Start of Block

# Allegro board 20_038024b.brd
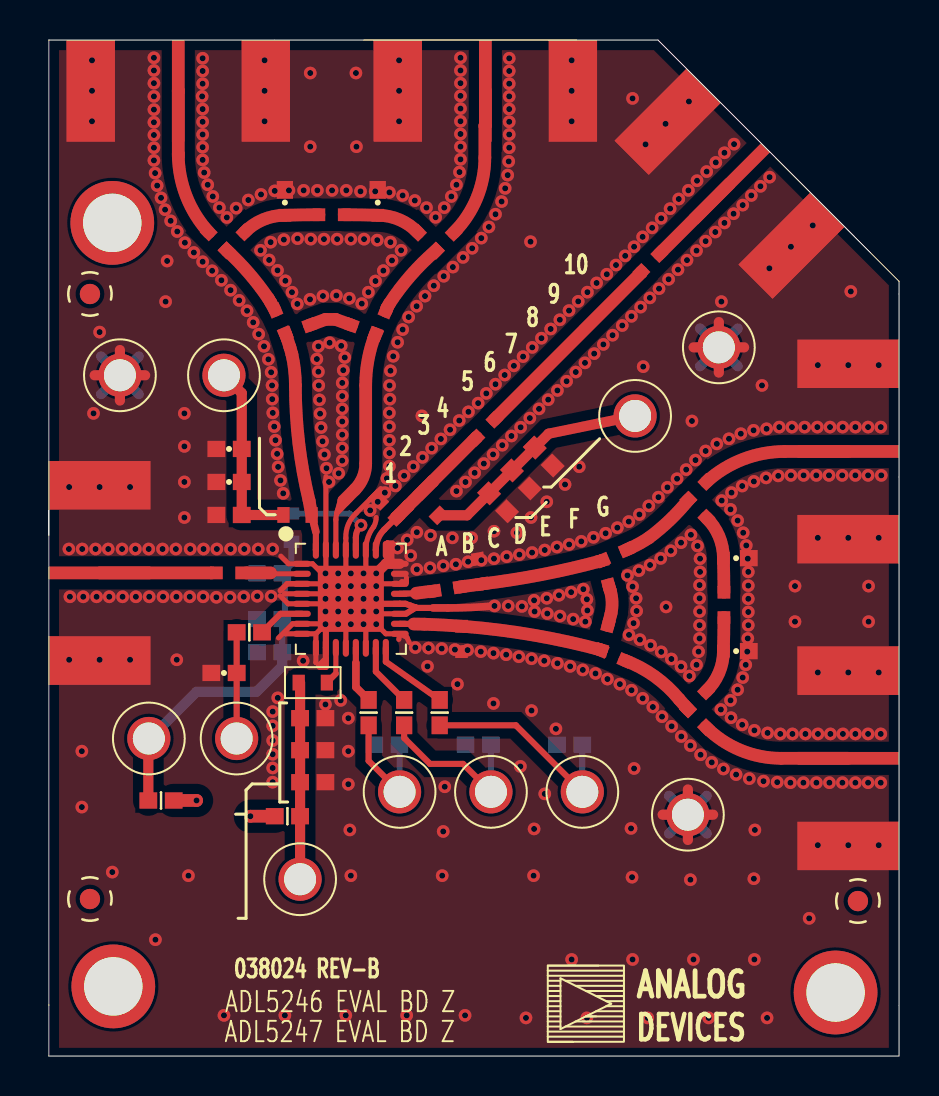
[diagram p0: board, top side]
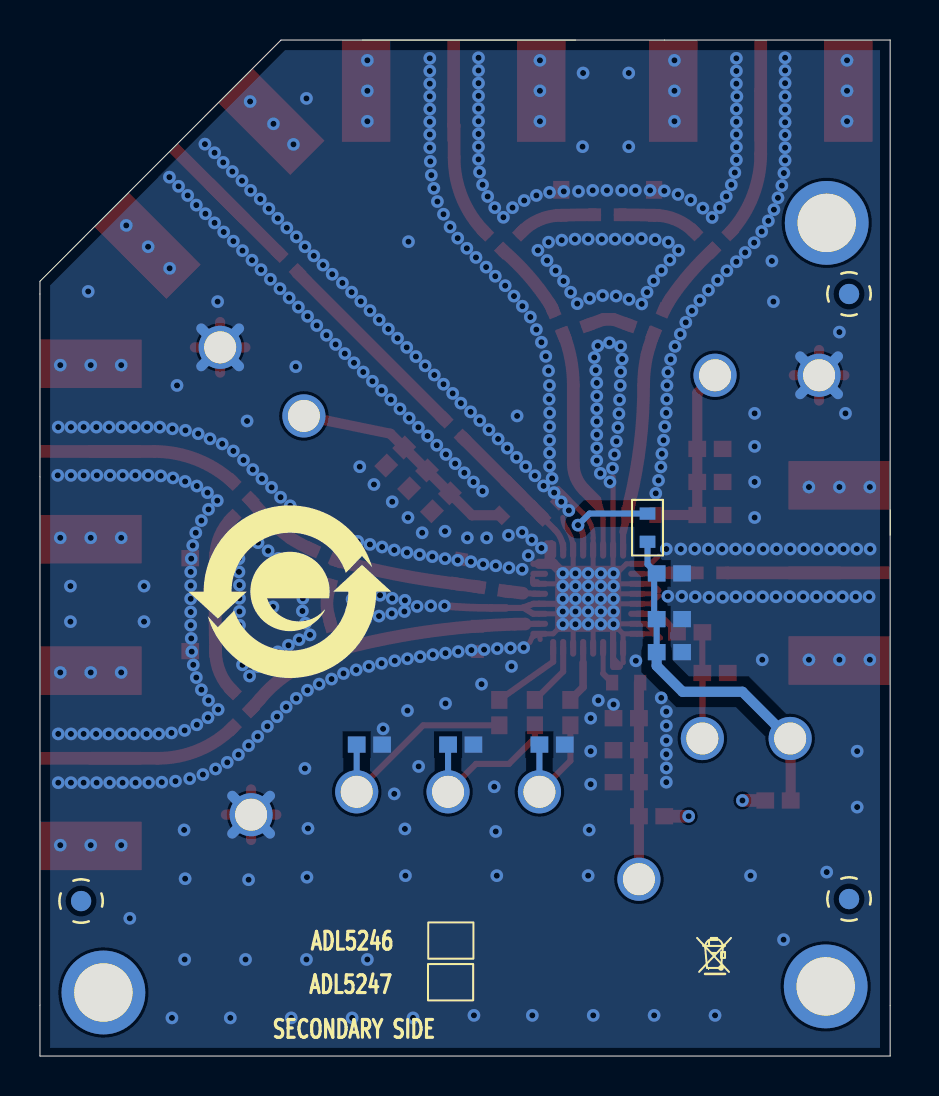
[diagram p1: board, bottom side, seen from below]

Outline 42.55 x 50.8 mm; copper layers: TOP, L2_GND, L3_VCC, BOTTOM. Coordinates in mm from the lower left corner of the outline.
Outline path: 0,27.3 0,0 42.55,0 42.55,38.73 30.48,50.8 15.75,50.8 ; 0,26.04 0,50.8 26.42,50.8

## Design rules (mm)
nets with their own width: min track width 0.508; nets AGND

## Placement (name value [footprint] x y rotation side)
C1  2.7pF  [C0402]  16.94 27.36 135 top
C2  0.1UF  [C0402]  13.21 13.69 180 top
C3  1.5pF  [C0402]  19.93 23.35 8.9 top
C4  1000pF  [C0402]  13.21 15.29 0 top
C5  100pF  [C0402]  9.02 27.05 180 top
C6  100pF  [C0402]  8.76 19.15 180 top
C7  100pF  [C0402]  13.21 16.89 0 top
C8  100pF  [C0402]  9.02 24.16 0 top
C9  100pF  [C0402]  8.45 40.73 315 top
C10  100pF  [C0402]  9.34 40.73 45 top
C11  100pF  [C0402]  16.92 15.57 180 bottom
C12  100pF  [C0402]  18.92 40.72 315 top
C13  100pF  [C0402]  19.81 40.72 225 top
C14  100pF  [C0402]  21.49 15.57 180 bottom
C15  100pF  [C0402]  26.06 15.57 180 bottom
C16  100pF  [C0402]  11.05 24.13 180 bottom
C17  1000pF  [C0402]  11.05 21.84 180 bottom
C18  100pF  [C0402]  32.45 27.36 315 top
C19  100pF  [C0402]  32.44 17.78 225 top
C20  0.1UF  [C0402]  11.05 20.19 0 bottom
C21  100pF  [C0402]  32.45 28.25 225 top
C22  100pF  [C0402]  32.44 16.89 135 top
C23  100pF  [C0402]  30.1 39.65 225 top
C24  100pF  [C0402]  22.48 27.69 315 top
C25  1000pF  [C0402]  23.62 28.83 315 top
C26  0.1UF  [C0402]  24.77 29.97 135 top
C27  100pF  [C0402]  12.45 36.32 200 top
C28  100pF  [C0402]  15.75 36.32 160 top
C29  100pF  [C0402]  27.85 24.16 285 top
C30  100pF  [C0402]  27.82 20.91 255 top
C31  100pF  [C0402]  34.39 24.89 0 top
C32  100pF  [C0402]  34.39 20.24 0 top
C33  100pF  [C0402]  11.81 42.67 90 top
C34  100pF  [C0402]  16.46 42.67 90 top
C40  0.1UF  [C0402]  9.02 30.35 0 top
C41  1000pF  [C0402]  9.02 28.7 180 top
GND1  BLK  [CNLOOPTP]  3.56 34.04 0 top
GND2  BLK  [CNLOOPTP]  33.53 35.43 0 top
GND3  BLK  [CNLOOPTP]  31.98 12.06 0 top
L1  100nH  [L7144]  12.45 27.05 0 top
L2  10NH  [L7144]  13.21 18.67 0 top
L3  100nH  [L7144]  12.14 26.42 270 bottom
L4  100nH  [L7144]  19 27.53 315 top
L5  TBD0402  [L0402]  20.65 20.85 270 top
L6  1nH  [L0402]  21.59 24.23 280 top
L7  TBD0402  [L0402]  33.78 22.56 270 top
L8  TBD0402  [L0402]  14.15 42.06 0 top
NOREF  -  [unnamed]  40.49 7.75 0 top
NOREF#2  -  [#2]  144.15 241.3 0 top
NOREF#3  -  [#2]  0 50.8 0 top
NOREF#4  -  [#2]  -121.16 -134.37 0 top
NOREF#5  -  [#2]  -155.57 170.18 0 top
NOREF#6  -  [#2]  149.86 63.5 180 top
NOREF#7  -  [#2]  167.16 -14.48 0 top
NOREF#8  -  [#2]  41.53 0 90 top
NOREF#9  -  [unnamed]  2.06 7.85 0 top
NOREF#10  -  [#2]  39.37 3.18 0 top
NOREF#11  -  [#2]  -240.23 -69.11 0 top
NOREF#12  -  [#2]  -155.57 200.66 0 top
NOREF#13  -  [#2]  24.97 0.71 0 top
NOREF#14  -  [unnamed]  2.06 38.1 0 top
NOREF#15  -  [#2]  0 0 0 top
NOREF#16  -  [#2]  -292.74 -238.76 0 top
NOREF#17  -  [#2]  -47.37 68.58 0 top
NOREF#18  -  [#2]  0 50.8 0 top
NOREF#19  -  [#2]  39.37 3.18 0 top
NOREF#20  -  [#2]  -237.72 -119 0 top
NOREF#21  -  [#2]  42.55 0 90 top
NOREF#22  -  [#2]  149.86 -15.24 90 top
NOREF#23  -  [#2]  39.37 3.18 0 top
NOREF#24  -  [#2]  0 63.53 270 top
NOREF#25  -  [#2]  0 -15.24 0 top
NOREF#26  -  [unnamed]  2.06 38.1 180 bottom
NOREF#27  -  [unnamed]  3.18 41.66 180 bottom
NOREF#28  -  [unnamed]  2.06 7.85 180 bottom
NOREF#29  -  [unnamed]  40.49 7.75 180 bottom
NOREF#30  -  [unnamed]  39.37 3.18 180 bottom
NOREF#31  -  [#2]  30.04 23.22 180 bottom
NOREF#32  -  [#2]  8.76 5 180 bottom
NOREF#33  -  [unnamed]  3.23 3.48 180 bottom
R1  0  [R0402]  21.84 31.37 45 top
R2  100  [R0402]  10.03 21.18 0 top
R3  100  [R0402]  16 17.17 270 top
R4  100  [R0402]  17.78 17.17 270 top
R5  100  [R0402]  19.56 17.17 270 top
R6  0  [R0402]  11.94 11.99 0 top
R7  0  [R0402]  5.61 12.78 0 top
R8  0  [R0402]  11.57 36.7 113.5 top
R9  0  [R0402]  16.61 36.66 66.5 top
R10  0  [R0402]  28.31 25.05 23.5 top
R11  0  [R0402]  28.23 20.03 337 top
RFIN1  JOHNSON142-0701-851  [CNJOHNSON142-0701-851]  2.54 24.16 180 top
RFIN2  JOHNSON142-0701-851  [CNJOHNSON142-0701-851]  21.84 48.26 90 top
RFIN3  JOHNSON142-0701-851  [CNJOHNSON142-0701-851]  40 30.23 0 top
RFOUT1  JOHNSON142-0701-851  [CNJOHNSON142-0701-851]  6.48 48.26 90 top
RFOUT2  JOHNSON142-0701-851  [CNJOHNSON142-0701-851]  40 14.88 0 top
RFOUT3  JOHNSON142-0701-851  [CNJOHNSON142-0701-851]  34.06 43.61 45 top
U1  ADL5246ACPZN  [QFN32_5X5_PAD3_3X3_3]  15.11 22.86 270 top
VCC1  RED  [CNLOOPTP]  8.76 34.04 0 top
VCC2  RED  [CNLOOPTP]  29.34 32 0 top
VGAIN1  YEL  [CNLOOPTP]  22.12 13.21 0 top
VGAIN2  YEL  [CNLOOPTP]  26.7 13.21 0 top
VPOS1  RED  [CNLOOPTP]  12.57 8.84 0 top
VPOS2  RED  [CNLOOPTP]  5 15.88 0 top
VSW1  YEL  [CNLOOPTP]  17.55 13.21 0 top
VSW1_N  YEL  [CNLOOPTP]  9.4 15.88 0 top

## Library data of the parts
C1 = CAP: Tolerance: +/-0.25; User Part Number: UPN; alternate symbols: (C0402H22_ALT,C0201-2,C0402_A,C0402_ALT); part number: CAP_SM-2.7PF,50V,+/-0.25,E020549,C0402; tolerance: +/-0.25
C2 C20 C26 C40 = CAP: Tolerance: 10; User Part Number: UPN; alternate symbols: (C0402H22_ALT,C0201-2,C0402_A,C0402_ALT); part number: CAP_SM-0.1UF,16V,10,E007200,C0402; tolerance: 10
C3 = CAP: Tolerance: +/-0.25pF; User Part Number: UPN; alternate symbols: (C0402H22_ALT,C0201-2,C0402_A,C0402_ALT); part number: CAP_SM-1.5PF,50V,+/-0.25PF,E012549,C0402; tolerance: +/-0.25pF
C4 C17 C25 C41 = CAP: Tolerance: 5; User Part Number: UPN; alternate symbols: (C0402H22_ALT,C0201-2,C0402_A,C0402_ALT); part number: CAP_SM-1000PF,50V,5,E012419,C0402; tolerance: 5
C5-C7 C11 C14-C16 C18 C19 C21-C24 C27-C32 = CAP: Tolerance: 5; User Part Number: UPN; alternate symbols: (C0402H22_ALT,C0201-2,C0402_A,C0402_ALT); part number: CAP_SM-100PF,50V,5,E007896,C0402; tolerance: 5
C8-C10 C12 C13 C33 C34 = CAP: User Part Number: UPN; Tolerance: 5; alternate symbols: (C0402H22_ALT,C0201-2,C0402_A,C0402_ALT); part number: CAP_SM-100PF,50V,5,E007896,C0402; tolerance: 5
GND1-GND3 = CNTP1P: User Part Number: UPN; alternate symbols: (CNBANANA_ALT); part number: CNTP1P_TH-BLK,E000948,CNLOOPTP
L1 L3 L4 = IND: Tolerance: 2; User Part Number: UPN; alternate symbols: (L0402-2,L0603_ALT); part number: IND_SM-100NH,2,E006304,L7144; tolerance: 2
L2 = IND: Tolerance: 5; User Part Number: UPN; alternate symbols: (L0402-2,L0603_ALT); part number: IND_SM-10NH,5,E006370,L7144; tolerance: 5
L5 L7 L8 = IND: User Part Number: UPN; alternate symbols: (L0402-2,L0603_ALT); part number: IND_SM-TBD0402,TBD0402,E002418,L0402
L6 = IND: Tolerance: 5; User Part Number: UPN; alternate symbols: (L0402-2,L0603_ALT); part number: IND_SM-1NH,5,E007929,L0402; tolerance: 5
R1 R6 R7 R10 = RES: Tolerance: 5; User Part Number: UPN; alternate symbols: (RRAD984L1500W75H520LD32;TO220H590_ALT;R0402_A;R0603_A); part number: RES_SM-0,E003438,1/16W,5,PANASONIC,ERJ-2GE0R00X,SCD-002744,R0402,N/A; tolerance: 5
R2-R5 = RES: Tolerance: 1; User Part Number: UPN; alternate symbols: (RRAD984L1500W75H520LD32;TO220H590_ALT;R0402_A;R0603_A); part number: RES_SM-100,E016329,1/10W,1,PANASONIC,ERJ-2RKF1000X,SCD-001006,R0402,N/A; tolerance: 1
R8 R9 R11 = RES: User Part Number: UPN; Tolerance: 5; alternate symbols: (RRAD984L1500W75H520LD32;TO220H590_ALT;R0402_A;R0603_A); part number: RES_SM-0,E003438,1/16W,5,PANASONIC,ERJ-2GE0R00X,SCD-002744,R0402,N/A; tolerance: 5
RFIN1-RFIN3 RFOUT1-RFOUT3 = CNBNC5P: User Part Number: UPN; alternate symbols: (CNAMPHENOL132255-11_ALT); part number: CNBNC5P_SM-JOHNSON142-0701-851,E000923,JOHNSON,142-0701-851,SCD-010536,CNJOHNSON142-0701-851
U1 = ADL5246: User Part Number: UPN; part number: ADL5246_SM-ADL5246ACPZN,E018031,ADI,ADL5246ACPZN,HTTP://WWMFG.ANALOG.COM/WWMFG/APPS/HLM/ATTACHMENT/VIEW/232495,QFN32_5X5_PAD3_3X3_3,N/A
VCC1 VCC2 VPOS1 VPOS2 = CNTP1P: User Part Number: UPN; alternate symbols: (CNBANANA_ALT); part number: CNTP1P_TH-RED,E000947,CNLOOPTP
VGAIN1 VGAIN2 VSW1 VSW1_N = CNTP1P: User Part Number: UPN; alternate symbols: (CNBANANA_ALT); part number: CNTP1P_TH-YEL,E000945,CNLOOPTP

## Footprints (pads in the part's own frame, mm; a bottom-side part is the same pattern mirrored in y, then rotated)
C0402
  rect 0.635x0.635 smd: 1(-0.635,0) 2(0.635,0)
CNJOHNSON142-0701-851
  rect 5.08x0.635 smd: 1(0,0)
  rect 5.08x2.413 smd: 2(0,4.381) 3(0,4.381) 4(0,-4.381) 5(0,-4.381)
CNLOOPTP
  round 2.159 hole 1.6: 1(0,0)
L0402
  rect 0.635x0.635 smd: 1(-0.635,0) 2(0.635,0)
L7144
  rect 0.61x0.787 smd: 1(-0.705,0) 2(0.705,0)
QFN32_5X5_PAD3_3X3_3
  oval 0.305x0.889 smd: 1(-1.75,-2.45) 2(-1.25,-2.45) 3(-0.75,-2.45) 4(-0.25,-2.45) 5(0.25,-2.45) 6(0.75,-2.45) 7(1.25,-2.45) 8(1.75,-2.45) 17(1.75,2.45) 18(1.25,2.45) 19(0.75,2.45) 20(0.25,2.45) 21(-0.25,2.45) 22(-0.75,2.45) 23(-1.25,2.45) 24(-1.75,2.45)
  oval 0.889x0.305 smd: 9(2.45,-1.75) 10(2.45,-1.25) 11(2.45,-0.75) 12(2.45,-0.25) 13(2.45,0.25) 14(2.45,0.75) 15(2.45,1.25) 16(2.45,1.75) 25(-2.45,1.75) 26(-2.45,1.25) 27(-2.45,0.75) 28(-2.45,0.25) 29(-2.45,-0.25) 30(-2.45,-0.75) 31(-2.45,-1.25) 32(-2.45,-1.75)
  rect 3.302x3.302 smd: PAD(0,0)
R0402
  rect 0.635x0.635 smd: 1(-0.635,0) 2(0.635,0)
unnamed
  round 1.016 smd: (0,0)

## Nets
AGND: C1.2(N2) C2.1(N1) C4.2(N2) C5.2(N2) C6.2(N2) C7.2(N2) C11.2(N2) C14.2(N2) C15.2(N2) C16.2(N2) C17.2(N2) C20.1(N1) C24.2(N2) C25.2(N2) C26.1(N1) C31.2(N2) C32.2(N2) C33.2(N2) C34.2(N2) C40.1(N1) C41.2(N2) GND1.1(N1) GND2.1(N1) GND3.1(N1) L5.2(N2) L6.1(N1) RFIN1.2(SH1) RFIN1.3(SH2) RFIN1.4(SH3) RFIN1.5(SH4) RFIN2.2(SH1) RFIN2.3(SH2) RFIN2.4(SH3) RFIN2.5(SH4) RFIN3.2(SH1) RFIN3.3(SH2) RFIN3.4(SH3) RFIN3.5(SH4) RFOUT1.2(SH1) RFOUT1.3(SH2) RFOUT1.4(SH3) RFOUT1.5(SH4) RFOUT2.2(SH1) RFOUT2.3(SH2) RFOUT2.4(SH3) RFOUT2.5(SH4) RFOUT3.2(SH1) RFOUT3.3(SH2) RFOUT3.4(SH3) RFOUT3.5(SH4) U1.1(GND1) U1.3(GND2) U1.4(GND3) U1.5(GND4) U1.7(GND5) U1.8(GND6) U1.9(GND7) U1.10(GND8) U1.12(GND9) U1.14(GND10) U1.17(GND11) U1.19(GND12) U1.20(GND13) U1.22(GND14) U1.23(GND15) U1.24(GND16) U1.25(GND17) U1.27(GND18) U1.29(GND19) U1.31(GND20) U1.PAD(EP)
VCC1: C5.1(N1) C40.2(N2) C41.1(N1) L1.1(N1) VCC1.1(N1)
VCC2: C24.1(N1) C25.1(N1) C26.2(N2) L4.2(N2) VCC2.1(N1)
RFIN1: C8.1(N1) RFIN1.1(CNTR)
UNNAMED_4_ADL5246_I245_RFIN1: C8.2(N2) U1.2(RFIN1)
UNNAMED_4_ADL5246_I245_RFOUT3: C1.1(N1) L4.1(N1) R1.1(N1) U1.26(RFOUT3)
UNNAMED_4_ADL5246_I245_VGAIN1: R4.1(N1) U1.15(VGAIN1)
UNNAMED_4_ADL5246_I245_VGAIN2: R5.1(N1) U1.16(VGAIN2)
UNNAMED_4_ADL5246_I245_VPOS1: L2.2(N2) U1.11(VPOS1)
UNNAMED_4_ADL5246_I245_VPOS2: L3.1(N1) U1.28(VPOS2)
UNNAMED_4_ADL5246_I245_VSW1: R3.1(N1) U1.13(VSW1)
UNNAMED_4_ADL5246_I245_VSW1N: R2.2(N2) U1.6(VSW1_N)
UNNAMED_4_CAP_I120_N1: C10.2(N2) C33.1(N1) L8.1(N1)
UNNAMED_4_CAP_I120_N2: C9.2(N2) C10.1(N1) R8.2(N2)
UNNAMED_4_CAP_I122_N1: C12.2(N2) C13.2(N2) R9.2(N2)
UNNAMED_4_CAP_I122_N2: C12.1(N1) C34.1(N1) L8.2(N2)
UNNAMED_4_CAP_I124_N1: C18.1(N1) C21.2(N2) R10.2(N2)
UNNAMED_4_CAP_I124_N2: C18.2(N2) C31.1(N1) L7.1(N1)
UNNAMED_4_CAP_I125_N1: C19.1(N1) C32.1(N1) L7.2(N2)
UNNAMED_4_CAP_I125_N2: C19.2(N2) C22.2(N2) R11.2(N2)
UNNAMED_4_CAP_I127_N1: C22.1(N1) RFOUT2.1(CNTR)
UNNAMED_4_CAP_I131_N1: C21.1(N1) RFIN3.1(CNTR)
UNNAMED_4_CAP_I145_N1: C23.1(N1) RFOUT3.1(CNTR)
UNNAMED_4_CAP_I145_N2: C23.2(N2) R1.2(N2)
UNNAMED_4_CAP_I154_N1: C9.1(N1) RFOUT1.1(CNTR)
UNNAMED_4_CAP_I155_N1: C13.1(N1) RFIN2.1(CNTR)
UNNAMED_4_CAP_I166_N1: C27.1(N1) C28.2(N2)
UNNAMED_4_CAP_I166_N2: C27.2(N2) L1.2(N2) R8.1(N1) U1.32(RFOUT1)
UNNAMED_4_CAP_I167_N1: C28.1(N1) R9.1(N1) U1.30(RFIN2)
UNNAMED_4_CAP_I168_N1: C29.2(N2) C30.1(N1)
UNNAMED_4_CAP_I168_N2: C30.2(N2) L5.1(N1) R11.1(N1) U1.18(RFOUT2)
UNNAMED_4_CAP_I169_N1: C3.2(N2) C29.1(N1) L6.2(N2) R10.1(N1)
UNNAMED_4_CAP_I221_N1: C3.1(N1) U1.21(RFIN3)
UNNAMED_4_CAP_I233_N1: C6.1(N1) R2.1(N1) VSW1_N.1(N1)
UNNAMED_4_CAP_I235_N1: C11.1(N1) R3.2(N2) VSW1.1(N1)
UNNAMED_4_CAP_I236_N1: C14.1(N1) R4.2(N2) VGAIN1.1(N1)
UNNAMED_4_CAP_I237_N1: C15.1(N1) R5.2(N2) VGAIN2.1(N1)
VPOS: R6.1(N1) R7.2(N2)
VPOS1: C2.2(N2) C4.1(N1) C7.1(N1) L2.1(N1) R6.2(N2) VPOS1.1(N1)
VPOS2: C16.1(N1) C17.1(N1) C20.2(N2) L3.2(N2) R7.1(N1) VPOS2.1(N1)

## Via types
v1: diameter 0.635, hole 0.305, TOP to BOTTOM, 594 vias

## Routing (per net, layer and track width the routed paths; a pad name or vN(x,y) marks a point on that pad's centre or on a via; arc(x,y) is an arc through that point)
AGND: length 123.1
  TOP w0.254: v1(14.48,23.5) 14.36,23.61 12.67,23.61 ; 16.61,28.37 15.38,27.14 arc(14.98,26.57) 14.86,25.9 U1.29 14.86,23.11 ; 16.94,25.65 16.86,25.58 U1.25 ; 16.94,25.65 17.04,25.55 17.04,25.13 ; 16.94,25.65 17.2,25.65 ; 11.8,23.11 11.8,23.11 U1.4 14.86,23.11 ; U1.14 15.86,22.11 ; 15.86,22.11 v1(16.38,21.59) 16.86,21.11 U1.17 ; 15.86,22.11 v1(15.75,22.22) ; 15.86,22.11 U1.19 17.87,22.11 ; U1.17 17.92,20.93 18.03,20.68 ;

End of Block

• [Work instruction] Above this task is a listing. Restate, word for word and with nothing added, the lines from the one with "UNNAMED_4_CAP_I127_N1: C22.1(N1) RFOUT2.1(CNTR)" through the one with "AGND: length 123.1".

• [Your solution]
UNNAMED_4_CAP_I127_N1: C22.1(N1) RFOUT2.1(CNTR)
UNNAMED_4_CAP_I131_N1: C21.1(N1) RFIN3.1(CNTR)
UNNAMED_4_CAP_I145_N1: C23.1(N1) RFOUT3.1(CNTR)
UNNAMED_4_CAP_I145_N2: C23.2(N2) R1.2(N2)
UNNAMED_4_CAP_I154_N1: C9.1(N1) RFOUT1.1(CNTR)
UNNAMED_4_CAP_I155_N1: C13.1(N1) RFIN2.1(CNTR)
UNNAMED_4_CAP_I166_N1: C27.1(N1) C28.2(N2)
UNNAMED_4_CAP_I166_N2: C27.2(N2) L1.2(N2) R8.1(N1) U1.32(RFOUT1)
UNNAMED_4_CAP_I167_N1: C28.1(N1) R9.1(N1) U1.30(RFIN2)
UNNAMED_4_CAP_I168_N1: C29.2(N2) C30.1(N1)
UNNAMED_4_CAP_I168_N2: C30.2(N2) L5.1(N1) R11.1(N1) U1.18(RFOUT2)
UNNAMED_4_CAP_I169_N1: C3.2(N2) C29.1(N1) L6.2(N2) R10.1(N1)
UNNAMED_4_CAP_I221_N1: C3.1(N1) U1.21(RFIN3)
UNNAMED_4_CAP_I233_N1: C6.1(N1) R2.1(N1) VSW1_N.1(N1)
UNNAMED_4_CAP_I235_N1: C11.1(N1) R3.2(N2) VSW1.1(N1)
UNNAMED_4_CAP_I236_N1: C14.1(N1) R4.2(N2) VGAIN1.1(N1)
UNNAMED_4_CAP_I237_N1: C15.1(N1) R5.2(N2) VGAIN2.1(N1)
VPOS: R6.1(N1) R7.2(N2)
VPOS1: C2.2(N2) C4.1(N1) C7.1(N1) L2.1(N1) R6.2(N2) VPOS1.1(N1)
VPOS2: C16.1(N1) C17.1(N1) C20.2(N2) L3.2(N2) R7.1(N1) VPOS2.1(N1)

## Via types
v1: diameter 0.635, hole 0.305, TOP to BOTTOM, 594 vias

## Routing (per net, layer and track width the routed paths; a pad name or vN(x,y) marks a point on that pad's centre or on a via; arc(x,y) is an arc through that point)
AGND: length 123.1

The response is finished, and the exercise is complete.